The most recent suit comes from James Damore, the fired author of a sexist memo circulated around the company last year.
In the memo, Damore argued that women are biologically ill-equipped for senior engineering positions, and that Google’s diversity efforts should be examined in regards to their “costs and benefits”.
He was fired for advancing harmful gender stereotypes and violating the company’s code of conduct. Now, Damore is fighting back.
James Damore is suing Google for firing him after releasing a memo deeming women biologically unfit for tech
“Google’s open hostility for conservative thought is paired with invidious discrimination on the basis of race and gender,” reads Damore’s lawsuit. He also claims that the company uses illegal quotas to hire women and other members of minority groups.
When the memo was first released, Google’s VP of Diversity, Integrity & Governance, Danielle Brown, said that while the company welcomes “alternative views”, those views need to be in line with “principles of equal employment found in [Google’s] Code of Conduct, policies, and anti-discrimination laws”.

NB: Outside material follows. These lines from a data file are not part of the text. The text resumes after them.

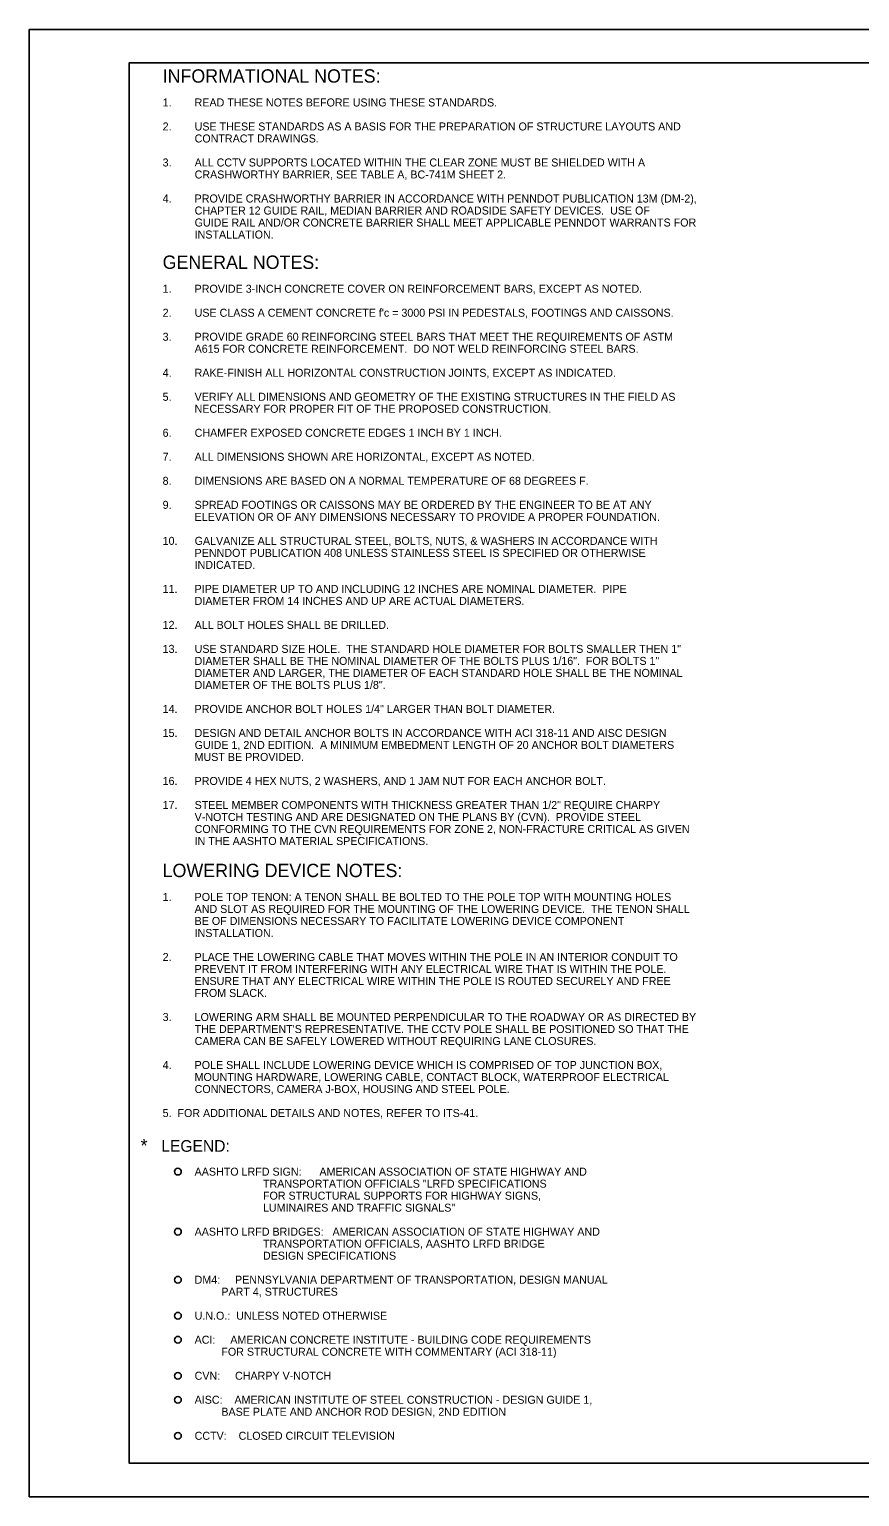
# Model space of a CAD drawing. Extents: x 1299105.1 to 1299141.9, y 239690 to 239712.
# Drawn here: x 1299105.09 to 1299117.55, y 239689.98 to 239711.98 of the extents above; entities that cross this region are included whole.
import ezdxf

# ---------------------------------------------------------------- set-up
doc = ezdxf.new("R2010")
doc.units = 0
for name, color, linetype in [('DIM TXT', 7, 'Continuous'), ('GS_plotshape_p', 7, 'Continuous'), ('Level 1', 7, 'Continuous')]:
    doc.layers.add(name, color=color, linetype=linetype)

msp = doc.modelspace()

# ---------------------------------------------------------------- linework, layer by layer
at = {"layer": 'DIM TXT'}
for centre in [(1299107.32, 239694.857), (1299107.32, 239693.957), (1299107.32, 239693.237), (1299107.32, 239692.697), (1299107.32, 239692.337), (1299107.32, 239691.797), (1299107.32, 239691.437), (1299107.32, 239690.897)]:
    msp.add_circle(centre, 0.05, dxfattribs=at)
at = {"layer": 'GS_plotshape_p'}
msp.add_lwpolyline([(1299105.09, 239711.984), (1299139.09, 239711.984), (1299139.09, 239689.984), (1299105.09, 239689.984)], close=True, dxfattribs=at)
at = {"layer": 'Level 1'}
msp.add_lwpolyline([(1299138.59, 239690.484), (1299106.59, 239690.484), (1299106.59, 239711.484), (1299138.59, 239711.484)], close=True, dxfattribs=at)

# ---------------------------------------------------------------- texts
at = {"layer": 'DIM TXT'}
for s, height, p in [('INFORMATIONAL NOTES:', 0.2, (1299107.09, 239711.185)), ('1.', 0.12, (1299107.09, 239710.828)), ('READ THESE NOTES BEFORE USING THESE STANDARDS.', 0.12, (1299107.57, 239710.828)), ('2.', 0.12, (1299107.09, 239710.468)), ('USE THESE STANDARDS AS A BASIS FOR THE PREPARATION OF STRUCTURE LAYOUTS AND ', 0.12, (1299107.57, 239710.468)), ('CONTRACT DRAWINGS.', 0.12, (1299107.57, 239710.288)), ('3.', 0.12, (1299107.09, 239709.928)), ('ALL CCTV SUPPORTS LOCATED WITHIN THE CLEAR ZONE MUST BE SHIELDED WITH A ', 0.12, (1299107.57, 239709.928)), ('CRASHWORTHY BARRIER, SEE TABLE A, BC-741M SHEET 2.', 0.12, (1299107.57, 239709.748)), ('4.', 0.12, (1299107.09, 239709.388)), ('PROVIDE CRASHWORTHY BARRIER IN ACCORDANCE WITH PENNDOT PUBLICATION 13M (DM-2), ', 0.12, (1299107.57, 239709.388)), ('CHAPTER 12 GUIDE RAIL, MEDIAN BARRIER AND ROADSIDE SAFETY DEVICES.  USE OF ', 0.12, (1299107.57, 239709.208)), ('GUIDE RAIL AND/OR CONCRETE BARRIER SHALL MEET APPLICABLE PENNDOT WARRANTS FOR ', 0.12, (1299107.57, 239709.028)), ('INSTALLATION.', 0.12, (1299107.57, 239708.848)), ('GENERAL NOTES:', 0.2, (1299107.09, 239708.393)), ('1.', 0.12, (1299107.09, 239708.035)), ('PROVIDE 3-INCH CONCRETE COVER ON REINFORCEMENT BARS, EXCEPT AS NOTED.', 0.12, (1299107.57, 239708.035)), ('2.', 0.12, (1299107.09, 239707.675)), ("USE CLASS A CEMENT CONCRETE f'c = 3000 PSI IN PEDESTALS, FOOTINGS AND CAISSONS.", 0.12, (1299107.57, 239707.675)), ('3.', 0.12, (1299107.09, 239707.315)), ('PROVIDE GRADE 60 REINFORCING STEEL BARS THAT MEET THE REQUIREMENTS OF ASTM ', 0.12, (1299107.57, 239707.315)), ('A615 FOR CONCRETE REINFORCEMENT.  DO NOT WELD REINFORCING STEEL BARS.', 0.12, (1299107.57, 239707.135)), ('4.', 0.12, (1299107.09, 239706.775)), ('RAKE-FINISH ALL HORIZONTAL CONSTRUCTION JOINTS, EXCEPT AS INDICATED.', 0.12, (1299107.57, 239706.775)), ('5.', 0.12, (1299107.09, 239706.415)), ('VERIFY ALL DIMENSIONS AND GEOMETRY OF THE EXISTING STRUCTURES IN THE FIELD AS ', 0.12, (1299107.57, 239706.415)), ('NECESSARY FOR PROPER FIT OF THE PROPOSED CONSTRUCTION.', 0.12, (1299107.57, 239706.235)), ('6.', 0.12, (1299107.09, 239705.875)), ('CHAMFER EXPOSED CONCRETE EDGES 1 INCH BY 1 INCH.', 0.12, (1299107.57, 239705.875)), ('7.', 0.12, (1299107.09, 239705.515)), ('ALL DIMENSIONS SHOWN ARE HORIZONTAL, EXCEPT AS NOTED.', 0.12, (1299107.57, 239705.515)), ('8.', 0.12, (1299107.09, 239705.155)), ('DIMENSIONS ARE BASED ON A NORMAL TEMPERATURE OF 68 DEGREES F.', 0.12, (1299107.57, 239705.155)), ('9.', 0.12, (1299107.09, 239704.795)), ('SPREAD FOOTINGS OR CAISSONS MAY BE ORDERED BY THE ENGINEER TO BE AT ANY ', 0.12, (1299107.57, 239704.795)), ('ELEVATION OR OF ANY DIMENSIONS NECESSARY TO PROVIDE A PROPER FOUNDATION.', 0.12, (1299107.57, 239704.615)), ('10.', 0.12, (1299107.09, 239704.255)), ('GALVANIZE ALL STRUCTURAL STEEL, BOLTS, NUTS, & WASHERS IN ACCORDANCE WITH ', 0.12, (1299107.57, 239704.255)), ('PENNDOT PUBLICATION 408 UNLESS STAINLESS STEEL IS SPECIFIED OR OTHERWISE ', 0.12, (1299107.57, 239704.075)), ('INDICATED.', 0.12, (1299107.57, 239703.895)), ('11.', 0.12, (1299107.09, 239703.535)), ('PIPE DIAMETER UP TO AND INCLUDING 12 INCHES ARE NOMINAL DIAMETER.  PIPE ', 0.12, (1299107.57, 239703.535)), ('DIAMETER FROM 14 INCHES AND UP ARE ACTUAL DIAMETERS.', 0.12, (1299107.57, 239703.355)), ('12.', 0.12, (1299107.09, 239702.995)), ('ALL BOLT HOLES SHALL BE DRILLED.', 0.12, (1299107.57, 239702.995)), ('13.', 0.12, (1299107.09, 239702.635)), ('USE STANDARD SIZE HOLE.  THE STANDARD HOLE DIAMETER FOR BOLTS SMALLER THEN 1" ', 0.12, (1299107.57, 239702.635)), ('DIAMETER SHALL BE THE NOMINAL DIAMETER OF THE BOLTS PLUS 1/16".  FOR BOLTS 1" ', 0.12, (1299107.57, 239702.455)), ('DIAMETER AND LARGER, THE DIAMETER OF EACH STANDARD HOLE SHALL BE THE NOMINAL ', 0.12, (1299107.57, 239702.275)), ('DIAMETER OF THE BOLTS PLUS 1/8".', 0.12, (1299107.57, 239702.095)), ('14.', 0.12, (1299107.09, 239701.735)), ('PROVIDE ANCHOR BOLT HOLES 1/4" LARGER THAN BOLT DIAMETER.', 0.12, (1299107.57, 239701.735)), ('15.', 0.12, (1299107.09, 239701.375)), ('DESIGN AND DETAIL ANCHOR BOLTS IN ACCORDANCE WITH ACI 318-11 AND AISC DESIGN ', 0.12, (1299107.57, 239701.375)), ('GUIDE 1, 2ND EDITION.  A MINIMUM EMBEDMENT LENGTH OF 20 ANCHOR BOLT DIAMETERS ', 0.12, (1299107.57, 239701.195)), ('MUST BE PROVIDED.', 0.12, (1299107.57, 239701.015)), ('16.', 0.12, (1299107.09, 239700.655)), ('PROVIDE 4 HEX NUTS, 2 WASHERS, AND 1 JAM NUT FOR EACH ANCHOR BOLT.', 0.12, (1299107.57, 239700.655)), ('17.', 0.12, (1299107.09, 239700.295)), ('STEEL MEMBER COMPONENTS WITH THICKNESS GREATER THAN 1/2" REQUIRE CHARPY ', 0.12, (1299107.57, 239700.295)), ('V-NOTCH TESTING AND ARE DESIGNATED ON THE PLANS BY (CVN).  PROVIDE STEEL ', 0.12, (1299107.57, 239700.115)), ('CONFORMING TO THE CVN REQUIREMENTS FOR ZONE 2, NON-FRACTURE CRITICAL AS GIVEN ', 0.12, (1299107.57, 239699.935)), ('IN THE AASHTO MATERIAL SPECIFICATIONS.', 0.12, (1299107.57, 239699.755)), ('LOWERING DEVICE NOTES:', 0.2, (1299107.09, 239699.273)), ('1.', 0.12, (1299107.09, 239698.916)), ('POLE TOP TENON: A TENON SHALL BE BOLTED TO THE POLE TOP WITH MOUNTING HOLES ', 0.12, (1299107.57, 239698.916)), ('AND SLOT AS REQUIRED FOR THE MOUNTING OF THE LOWERING DEVICE.  THE TENON SHALL ', 0.12, (1299107.57, 239698.736)), ('BE OF DIMENSIONS NECESSARY TO FACILITATE LOWERING DEVICE COMPONENT ', 0.12, (1299107.57, 239698.556)), ('INSTALLATION.', 0.12, (1299107.57, 239698.376)), ('2.', 0.12, (1299107.09, 239698.016)), ('PLACE THE LOWERING CABLE THAT MOVES WITHIN THE POLE IN AN INTERIOR CONDUIT TO ', 0.12, (1299107.57, 239698.016)), ('PREVENT IT FROM INTERFERING WITH ANY ELECTRICAL WIRE THAT IS WITHIN THE POLE.  ', 0.12, (1299107.57, 239697.836)), ('ENSURE THAT ANY ELECTRICAL WIRE WITHIN THE POLE IS ROUTED SECURELY AND FREE ', 0.12, (1299107.57, 239697.656)), ('FROM SLACK.', 0.12, (1299107.57, 239697.476)), ('3.', 0.12, (1299107.09, 239697.116)), ("THE DEPARTMENT'S REPRESENTATIVE. THE CCTV POLE SHALL BE POSITIONED SO THAT THE ", 0.12, (1299107.57, 239696.936)), ('LOWERING ARM SHALL BE MOUNTED PERPENDICULAR TO THE ROADWAY OR AS DIRECTED BY ', 0.12, (1299107.57, 239697.116)), ('CAMERA CAN BE SAFELY LOWERED WITHOUT REQUIRING LANE CLOSURES.', 0.12, (1299107.57, 239696.756)), ('4.', 0.12, (1299107.09, 239696.396)), ('POLE SHALL INCLUDE LOWERING DEVICE WHICH IS COMPRISED OF TOP JUNCTION BOX, ', 0.12, (1299107.57, 239696.396)), ('MOUNTING HARDWARE, LOWERING CABLE, CONTACT BLOCK, WATERPROOF ELECTRICAL ', 0.12, (1299107.57, 239696.216)), ('CONNECTORS, CAMERA J-BOX, HOUSING AND STEEL POLE.', 0.12, (1299107.57, 239696.036)), ('5.  FOR ADDITIONAL DETAILS AND NOTES, REFER TO ITS-41.', 0.12, (1299107.09, 239695.676)), ('*', 0.2, (1299106.759, 239695.148)), ('LEGEND:', 0.175, (1299107.07, 239695.155)), ('AASHTO LRFD SIGN:      AMERICAN ASSOCIATION OF STATE HIGHWAY AND', 0.12, (1299107.57, 239694.797)), ('                       TRANSPORTATION OFFICIALS "LRFD SPECIFICATIONS', 0.12, (1299107.57, 239694.617)), ('                       FOR STRUCTURAL SUPPORTS FOR HIGHWAY SIGNS,', 0.12, (1299107.57, 239694.437)), ('                       LUMINAIRES AND TRAFFIC SIGNALS"', 0.12, (1299107.57, 239694.257)), ('AASHTO LRFD BRIDGES:   AMERICAN ASSOCIATION OF STATE HIGHWAY AND', 0.12, (1299107.57, 239693.897)), ('                       TRANSPORTATION OFFICIALS, AASHTO LRFD BRIDGE', 0.12, (1299107.57, 239693.717)), ('                       DESIGN SPECIFICATIONS', 0.12, (1299107.57, 239693.537)), ('DM4:     PENNSYLVANIA DEPARTMENT OF TRANSPORTATION, DESIGN MANUAL', 0.12, (1299107.57, 239693.177)), ('         PART 4, STRUCTURES', 0.12, (1299107.57, 239692.997)), ('U.N.O.:  UNLESS NOTED OTHERWISE', 0.12, (1299107.57, 239692.637)), ('ACI:     AMERICAN CONCRETE INSTITUTE - BUILDING CODE REQUIREMENTS', 0.12, (1299107.57, 239692.277)), ('         FOR STRUCTURAL CONCRETE WITH COMMENTARY (ACI 318-11)', 0.12, (1299107.57, 239692.097)), ('CVN:     CHARPY V-NOTCH', 0.12, (1299107.57, 239691.737)), ('AISC:    AMERICAN INSTITUTE OF STEEL CONSTRUCTION - DESIGN GUIDE 1,', 0.12, (1299107.57, 239691.377)), ('         BASE PLATE AND ANCHOR ROD DESIGN, 2ND EDITION', 0.12, (1299107.57, 239691.197)), ('CCTV:    CLOSED CIRCUIT TELEVISION', 0.12, (1299107.57, 239690.837))]:
    msp.add_text(s, height=height, dxfattribs=at).set_placement(p)

doc.saveas('drawing.dxf')

“We look forward to defending against Mr. Damore’s lawsuit in court,” the company said in a statement, according to The Verge.
But Google isn’t only accused of leaning too far left; the company is also embroiled in a suit accusing it of systematically underpaying women.
Google is also being sued for allegedly systematically underpaying its female employees
In September last year, a suit filed on behalf of all women hired by the company in California since 2013 claimed the company consistently pays men more for doing similar work as women in similar conditions.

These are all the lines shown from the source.